Your assignment | Keyword search on "GROMMET": report each line of the records that contains it.

Dataset items |
# # # #

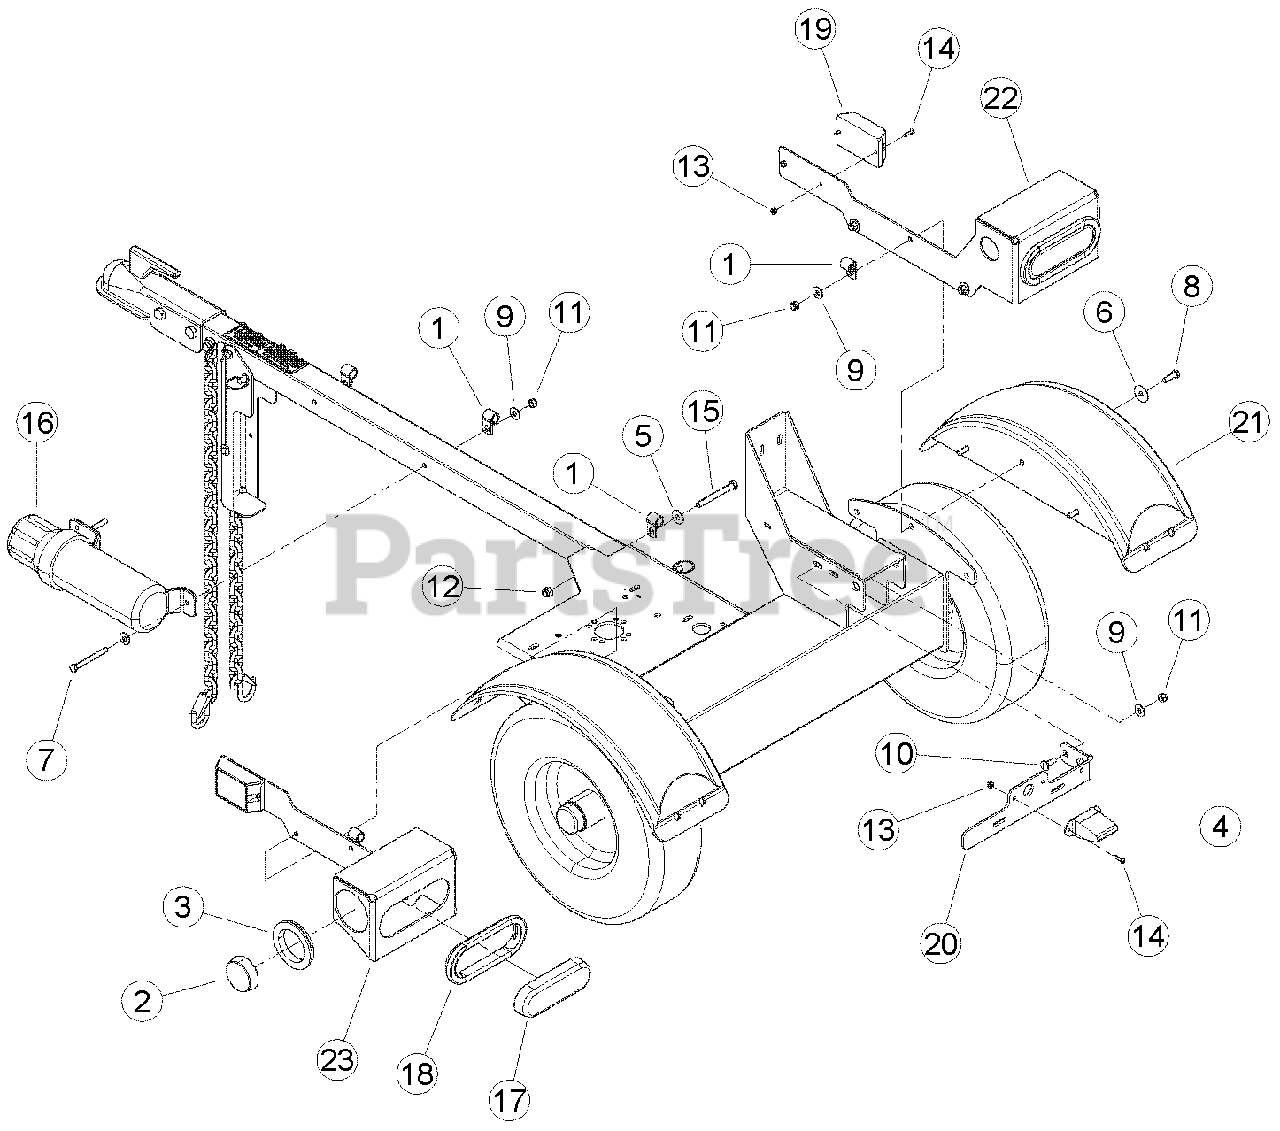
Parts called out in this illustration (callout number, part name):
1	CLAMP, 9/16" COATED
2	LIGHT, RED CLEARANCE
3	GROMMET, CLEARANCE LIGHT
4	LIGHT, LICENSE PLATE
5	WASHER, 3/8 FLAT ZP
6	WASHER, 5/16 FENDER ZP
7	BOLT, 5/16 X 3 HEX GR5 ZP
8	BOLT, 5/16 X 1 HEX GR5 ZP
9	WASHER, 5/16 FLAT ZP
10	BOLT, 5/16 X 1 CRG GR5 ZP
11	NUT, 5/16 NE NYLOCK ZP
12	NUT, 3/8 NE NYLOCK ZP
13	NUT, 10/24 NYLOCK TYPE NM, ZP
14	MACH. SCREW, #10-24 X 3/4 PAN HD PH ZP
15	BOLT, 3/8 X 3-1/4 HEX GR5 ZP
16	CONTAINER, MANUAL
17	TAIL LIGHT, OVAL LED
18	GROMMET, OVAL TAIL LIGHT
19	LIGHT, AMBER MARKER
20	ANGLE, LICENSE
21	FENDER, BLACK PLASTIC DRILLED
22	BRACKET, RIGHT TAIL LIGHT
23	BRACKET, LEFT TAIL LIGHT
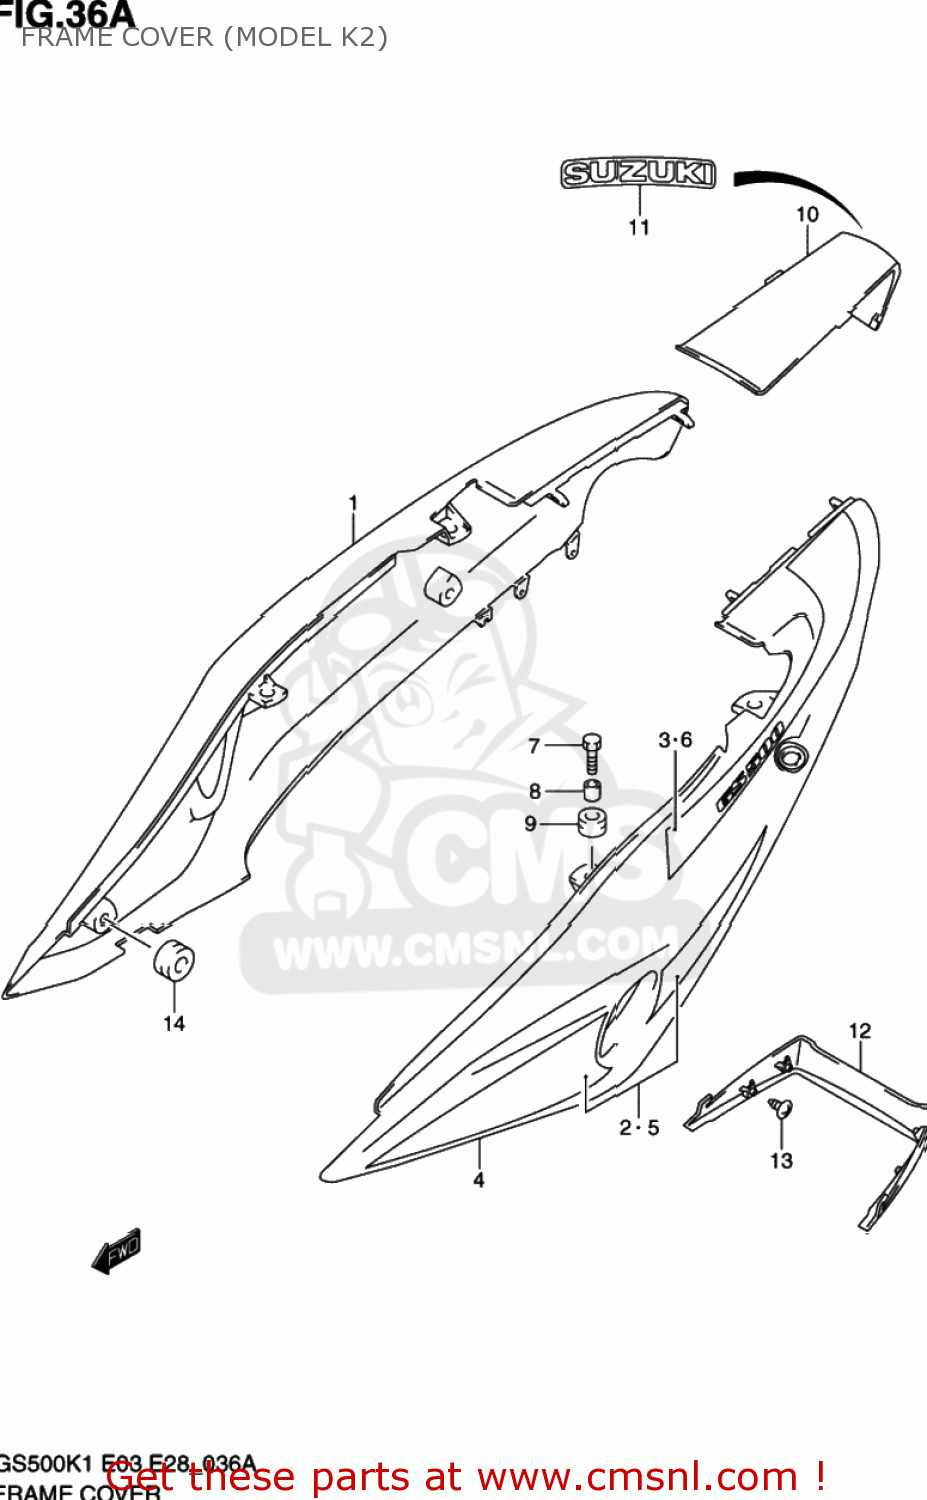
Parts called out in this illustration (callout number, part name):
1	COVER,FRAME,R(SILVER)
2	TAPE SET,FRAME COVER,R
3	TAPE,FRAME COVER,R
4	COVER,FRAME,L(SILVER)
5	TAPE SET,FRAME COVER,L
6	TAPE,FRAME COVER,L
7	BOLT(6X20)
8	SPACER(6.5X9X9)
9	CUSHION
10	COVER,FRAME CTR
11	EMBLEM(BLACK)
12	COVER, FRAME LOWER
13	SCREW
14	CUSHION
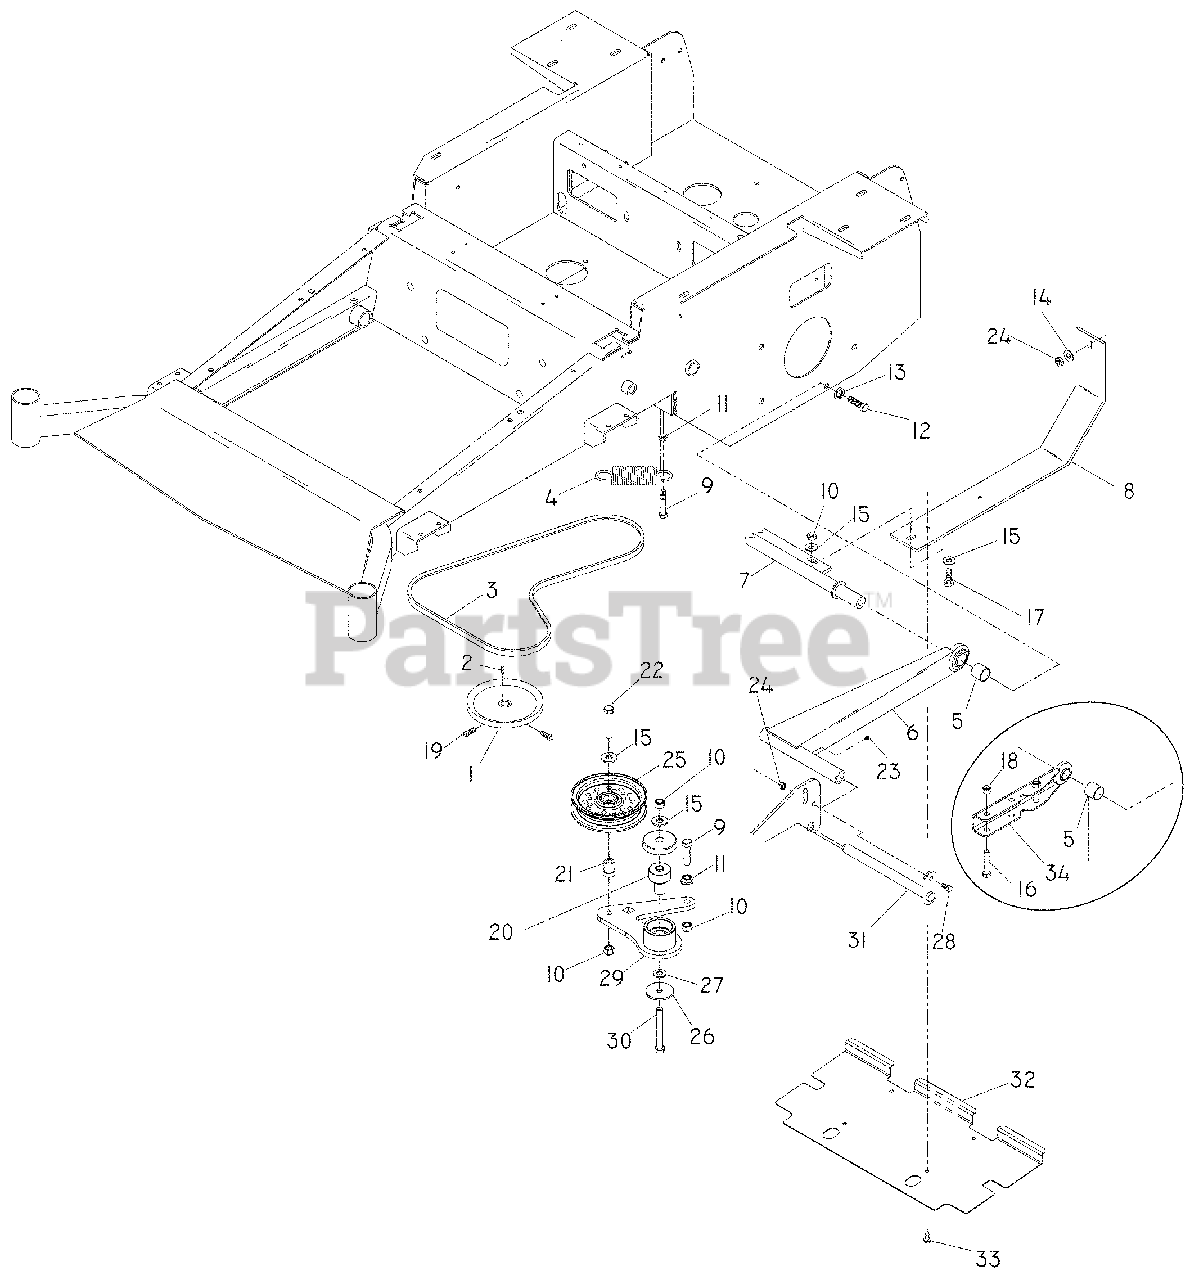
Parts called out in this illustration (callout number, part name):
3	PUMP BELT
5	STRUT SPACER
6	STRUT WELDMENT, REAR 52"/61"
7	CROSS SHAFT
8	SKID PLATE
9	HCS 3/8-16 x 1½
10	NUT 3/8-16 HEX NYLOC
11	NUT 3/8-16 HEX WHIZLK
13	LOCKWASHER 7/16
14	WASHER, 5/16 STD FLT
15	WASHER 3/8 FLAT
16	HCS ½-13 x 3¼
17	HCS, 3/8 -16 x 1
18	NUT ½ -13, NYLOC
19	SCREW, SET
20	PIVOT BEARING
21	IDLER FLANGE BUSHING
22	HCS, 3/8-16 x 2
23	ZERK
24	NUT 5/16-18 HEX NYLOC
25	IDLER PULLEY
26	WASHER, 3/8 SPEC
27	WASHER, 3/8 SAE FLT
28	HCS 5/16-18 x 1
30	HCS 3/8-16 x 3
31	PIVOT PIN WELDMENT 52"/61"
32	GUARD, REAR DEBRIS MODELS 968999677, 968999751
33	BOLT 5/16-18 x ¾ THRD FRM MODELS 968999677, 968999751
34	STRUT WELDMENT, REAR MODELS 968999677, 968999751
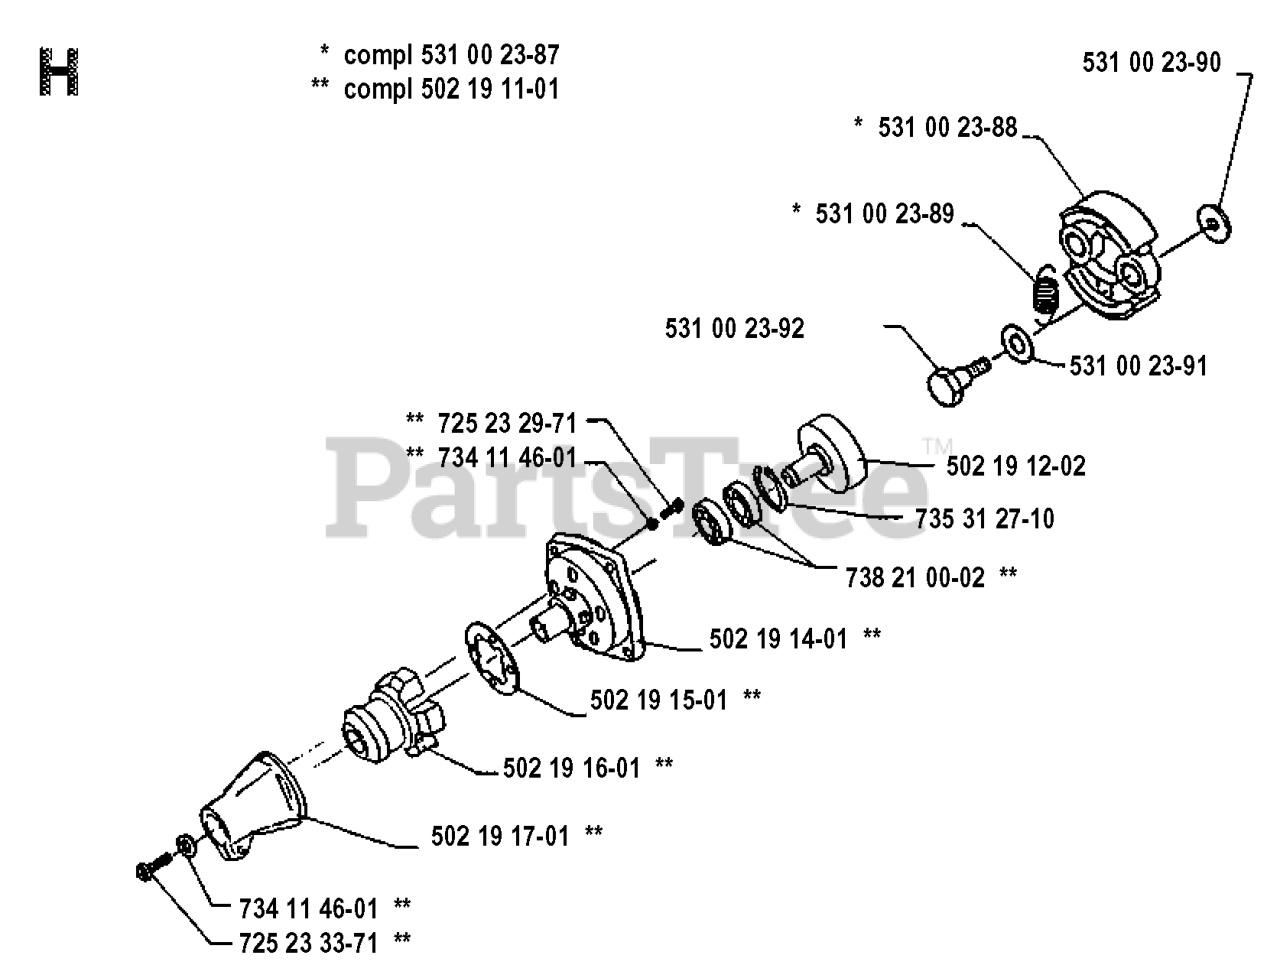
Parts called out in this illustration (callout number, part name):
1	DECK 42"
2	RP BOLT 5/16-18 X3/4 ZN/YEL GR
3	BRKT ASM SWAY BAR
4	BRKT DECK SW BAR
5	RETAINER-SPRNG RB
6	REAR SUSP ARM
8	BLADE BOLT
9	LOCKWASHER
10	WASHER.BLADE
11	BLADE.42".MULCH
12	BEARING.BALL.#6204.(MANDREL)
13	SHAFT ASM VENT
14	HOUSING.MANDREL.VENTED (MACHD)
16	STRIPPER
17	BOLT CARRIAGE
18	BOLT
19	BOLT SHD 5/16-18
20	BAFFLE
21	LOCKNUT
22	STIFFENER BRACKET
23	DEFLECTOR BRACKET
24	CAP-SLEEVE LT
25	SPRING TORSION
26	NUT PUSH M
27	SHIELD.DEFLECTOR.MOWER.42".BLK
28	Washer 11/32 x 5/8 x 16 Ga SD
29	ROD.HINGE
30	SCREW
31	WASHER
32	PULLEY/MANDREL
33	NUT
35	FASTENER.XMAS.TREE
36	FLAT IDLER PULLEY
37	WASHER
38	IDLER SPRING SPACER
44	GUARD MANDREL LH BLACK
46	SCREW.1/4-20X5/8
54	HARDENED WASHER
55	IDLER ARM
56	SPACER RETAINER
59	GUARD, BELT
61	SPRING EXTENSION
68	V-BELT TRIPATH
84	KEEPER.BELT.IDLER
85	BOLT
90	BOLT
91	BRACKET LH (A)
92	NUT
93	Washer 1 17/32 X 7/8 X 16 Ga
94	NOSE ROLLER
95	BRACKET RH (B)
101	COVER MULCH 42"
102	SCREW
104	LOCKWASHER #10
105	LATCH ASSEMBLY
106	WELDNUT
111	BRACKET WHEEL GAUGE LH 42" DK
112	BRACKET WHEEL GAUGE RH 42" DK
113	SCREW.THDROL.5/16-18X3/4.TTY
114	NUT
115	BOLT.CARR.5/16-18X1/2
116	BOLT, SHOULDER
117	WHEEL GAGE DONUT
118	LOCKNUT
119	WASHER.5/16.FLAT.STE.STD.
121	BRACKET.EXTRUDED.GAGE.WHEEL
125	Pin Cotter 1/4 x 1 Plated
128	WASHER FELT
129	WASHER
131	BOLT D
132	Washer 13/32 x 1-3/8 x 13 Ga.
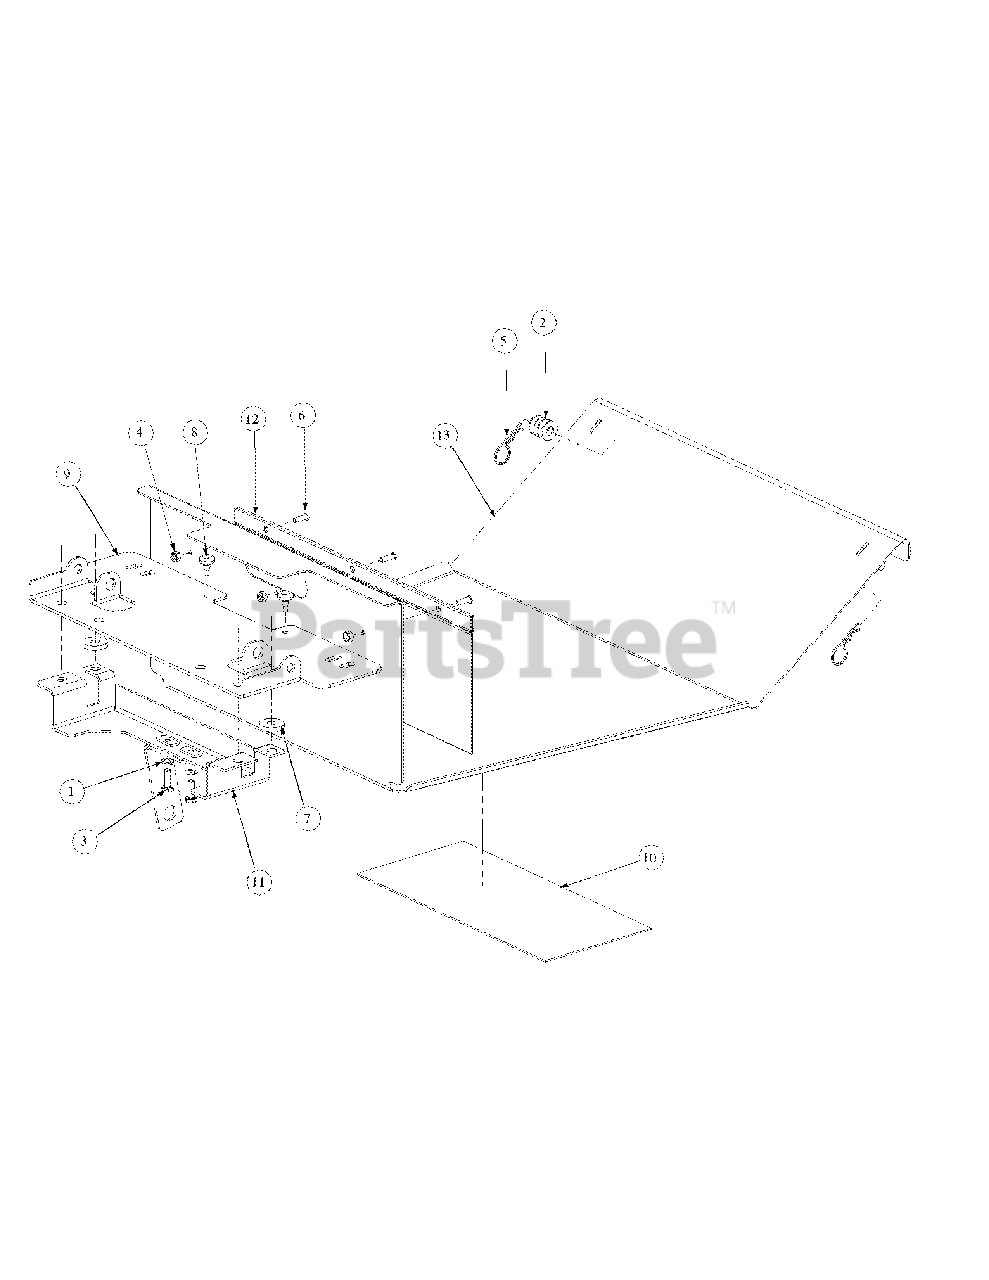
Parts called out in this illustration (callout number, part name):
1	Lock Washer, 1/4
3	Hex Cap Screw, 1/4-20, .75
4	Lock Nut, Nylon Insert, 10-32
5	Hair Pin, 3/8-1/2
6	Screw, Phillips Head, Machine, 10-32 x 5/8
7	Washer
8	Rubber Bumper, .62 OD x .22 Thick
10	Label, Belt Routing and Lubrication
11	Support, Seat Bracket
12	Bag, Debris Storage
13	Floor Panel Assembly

# # # #

Solution |
3	GROMMET, CLEARANCE LIGHT
18	GROMMET, OVAL TAIL LIGHT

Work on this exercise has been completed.